Como tú tienes la mente amplia, voy a recitarte un poema. Él lo escribió hace un millón de años, lo sabe de memoria y lo recita con el alma, el cuerpo y sus ojos preciosos de color miel. Existe la prosa buena y la prosa mala, pero la poesía sólo puede ser buena y ella lo sabe. Los versos del loco auténtico son geniales y genéticamente anticlericales. Demasiado cerebro es malo para el espíritu, es mejor ser bruto, confirma la mujer. De pronto, él ve la computadora y parece un niño contemplando un dulce. ¿Podemos escuchar música?, pregunta. Por supuesto, querido, ¿qué quieres oír? ¡La meditación de Thais, de Massenet! El loco auténtico acaba de desasnar a la mujer. Ella trae los audífonos, él se pone uno, ofrece el otro para ella y acerca su silla a la de ella. La mujer lo observa moverse al ritmo de la música con los ojos cerrados, moviendo los brazos dirigiendo la orquesta en su mente, él está llorando y ella también. Esto es adictivo, dice él, cómo me conmueve, se seca los ojos y sigue dictando títulos de melodías que ella busca en Youtube, fascinada por presenciar ese instante de felicidad. Él le explica la historia de cada melodía, le cuenta la vida de cada compositor, aunque interrumpe la lección de golpe para asegurar a la mujer que Dinamarca es la tierra de Dan.

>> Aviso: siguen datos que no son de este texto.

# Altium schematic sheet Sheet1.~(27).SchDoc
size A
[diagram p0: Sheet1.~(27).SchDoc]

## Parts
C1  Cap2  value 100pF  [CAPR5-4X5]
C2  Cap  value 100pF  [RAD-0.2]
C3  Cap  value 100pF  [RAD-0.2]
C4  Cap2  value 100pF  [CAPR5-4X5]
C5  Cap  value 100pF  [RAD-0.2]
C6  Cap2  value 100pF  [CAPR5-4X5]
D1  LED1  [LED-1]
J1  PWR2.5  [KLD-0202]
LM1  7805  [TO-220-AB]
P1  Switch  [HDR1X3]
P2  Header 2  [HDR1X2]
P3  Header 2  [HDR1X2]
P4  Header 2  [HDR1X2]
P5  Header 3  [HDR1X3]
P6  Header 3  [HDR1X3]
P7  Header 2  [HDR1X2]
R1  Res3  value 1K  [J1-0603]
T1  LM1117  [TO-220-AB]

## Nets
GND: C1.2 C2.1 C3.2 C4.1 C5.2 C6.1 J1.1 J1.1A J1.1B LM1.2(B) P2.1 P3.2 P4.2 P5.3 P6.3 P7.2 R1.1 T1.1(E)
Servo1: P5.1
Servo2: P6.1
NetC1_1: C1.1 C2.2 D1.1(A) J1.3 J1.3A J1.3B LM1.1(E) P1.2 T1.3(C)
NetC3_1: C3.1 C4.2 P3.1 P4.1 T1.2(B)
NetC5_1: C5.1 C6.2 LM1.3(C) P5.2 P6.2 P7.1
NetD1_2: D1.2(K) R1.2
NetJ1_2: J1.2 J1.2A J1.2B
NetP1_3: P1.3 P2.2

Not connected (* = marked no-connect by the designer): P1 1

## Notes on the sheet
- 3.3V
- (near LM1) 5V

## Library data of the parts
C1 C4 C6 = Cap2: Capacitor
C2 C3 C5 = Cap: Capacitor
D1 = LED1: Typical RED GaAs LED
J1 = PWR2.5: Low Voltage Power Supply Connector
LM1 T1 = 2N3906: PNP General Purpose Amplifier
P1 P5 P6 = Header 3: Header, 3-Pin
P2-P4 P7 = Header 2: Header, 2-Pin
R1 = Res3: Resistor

Ten cuidado con él. Él es fruto de sus decisiones. Tienes un corazón demasiado grande. De todo lo que le dijeron, lo que más enfureció a la mujer fue lo relativo al tamaño de su corazón. ¿Cuál será su diagnóstico? se pregunta, mientras le entrega la ropa regalada que le han hecho llegar, pruébatela querido, y si no te queda, véndela. No, si no me queda, se la doy a algún pobre. El pobre eres tú, piensa ella y calla. Lo abraza y lo despide con una señal de la cruz en la frente. El niño de ochenta años monta su bicicleta y parte. Sobre sus hombros lleva el peso terrible de un cerebro genial. Del grillete en su tobillo cuelga y se arrastra la cadena larguísima de una locura sin nombre.
Úrsula Álvarez Gutiérrez
Santander, noviembre del 2022
Imagen de portada: boceto de El Grito, Munch.